As a person of faith, I believe religion must be confined to the private sphere and that the state must rest on egalitarian and secular principles. There are some obvious exceptions to this position. Temples, churches and mosques have to be built in public spaces, and collective celebrations can't be confined behind closed doors. But there are many other key areas of life where religion is now encroaching in a way that threatens to lead us into a new barbarism. Bin Laden, the BJP and George Bush Jnr have much more in common than they would ever like to accept.

When politics is driven by extreme ideology, (Nazism, Stalinism, perhaps even uncontrolled Capitalism) the result is disastrous. When politics is driven by religions fired up by zealots, the result is also disastrous.

I am not saying that religions should never participate in political debates - they should, they must. It used to annoy Margaret Thatcher that so many top people in the Church of England criticised her divisive policies. The late, luminously decent, Bishop of Liverpool, David Shepherd, was a thorn who pricked the establishment to remind them of their duties to the disenfranchised. New Labour has been incensed with church and mosque spokespeople who have been vocal opponents of the occupation of Iraq. Abortion, marriage, binge drinking, drugs policies, family breakdowns, world poverty, environmental devastation, gay rights, racial and gender equality, arms dealing and foreign policy need to be discussed by all Britons, atheists, agnostics and people of faith. But this discussion must take place within the framework of a secular state and without religious leaders abusing their power to influence elections. We did not elect these men - and they are all men. They have no right to tell us who we may elect.

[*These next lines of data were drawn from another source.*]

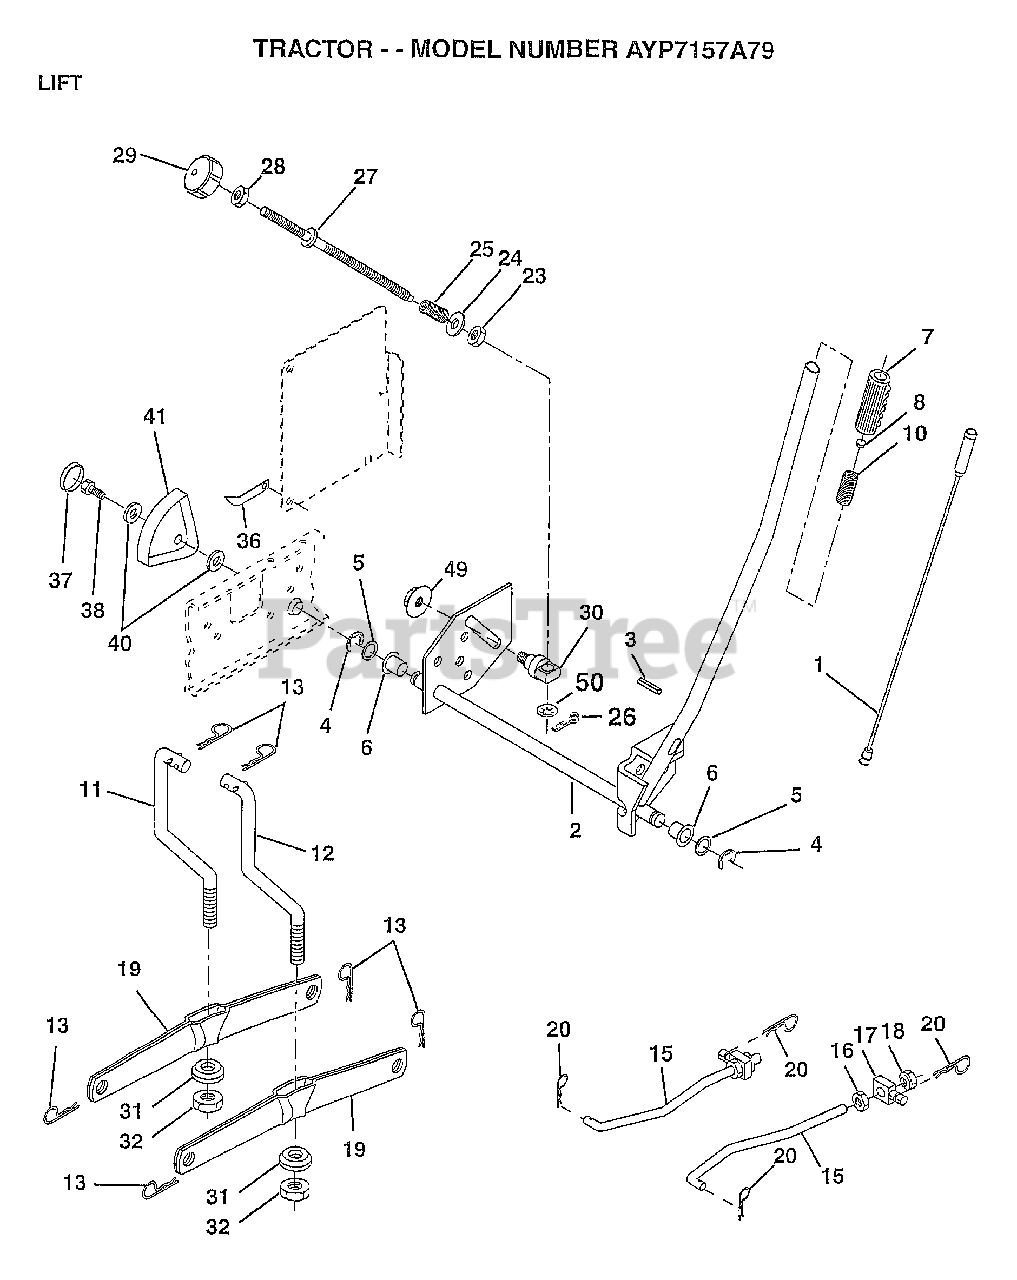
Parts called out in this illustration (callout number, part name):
1	WIRE ASM
2	SHAFT.LIFT.ASM.RH
3	PIN-GROOVE LT
5	WASHER
5	NYLON BEARING
7	GRIP HANDLE
15	LINK.FRONT
16	NUT
17	TRUNION
18	NUT.LK.W/WSH.1/2.
19	ARM SUSP REAR
20	RETAINER.SPRING
23	NUT T
24	WASHER
25	SPRING T
28	NUT
29	KNOB INF 3/8-16
30	TRUNNION
31	BEARING PVT LH
32	NUT.CROWNLOCK.3/8
36	POINTER-INDICAT
37	"PLUG,HOLE"
38	SCREW
40	WASHER
41	HEIGHT INDICATOR
49	NUT.HXFLG.LOCK.

The reason they feel they have these rights is because New Labour and the Tories have indulged them for years, pandered to their demands, promoted them to key advisory positions. This week, Tony Blair is planning to woo Christians; meanwhile Jack Straw and Charles Clarke are promising the world to Hindus, Sikhs and Muslims, going in and out of mosques, gurdwaras, temples with clean handkerchiefs on their heads. The law to stop incitement to religious hatred is on its way. State funded separate schools grow and grow. Faith groups claim an absolute, inviolable right never to be criticised, mocked, challenged. Not in art, in the media, nor by politicians. The protests against the play Behzti by a young Sikh woman playwright in Birmingham, the demonstrations against the BBC for broadcasting the musical Jerry Springer - The Opera, the death threats I get for criticising Muslim fanatics, all come from a new confidence that the keepers of the state are on the side of the easily offended, especially if they are worshippers.

Complete freedom of expression does not exist in any country, nor should it. Society could not survive the brutality such freedom would unleash. Good manners, etiquette, political correctness, social mores, mutual respect, libel laws, all curtail our freedom to say what we wish. And most of the time we consent to these limits for the greater good. When groups within countries are obviously without a voice and a presence, they need some protection. But today, religious groups are not only becoming over-powerful in the dialogues of the nation, they are trying to cut off our tongues and our imaginations and to remake the nation with the collusion of key politicians. Thomas Jefferson believed the "wall of separation between church and state" was sacred. Today, that wall is being kicked down in his country and ours, and we should be very afraid of the consequences.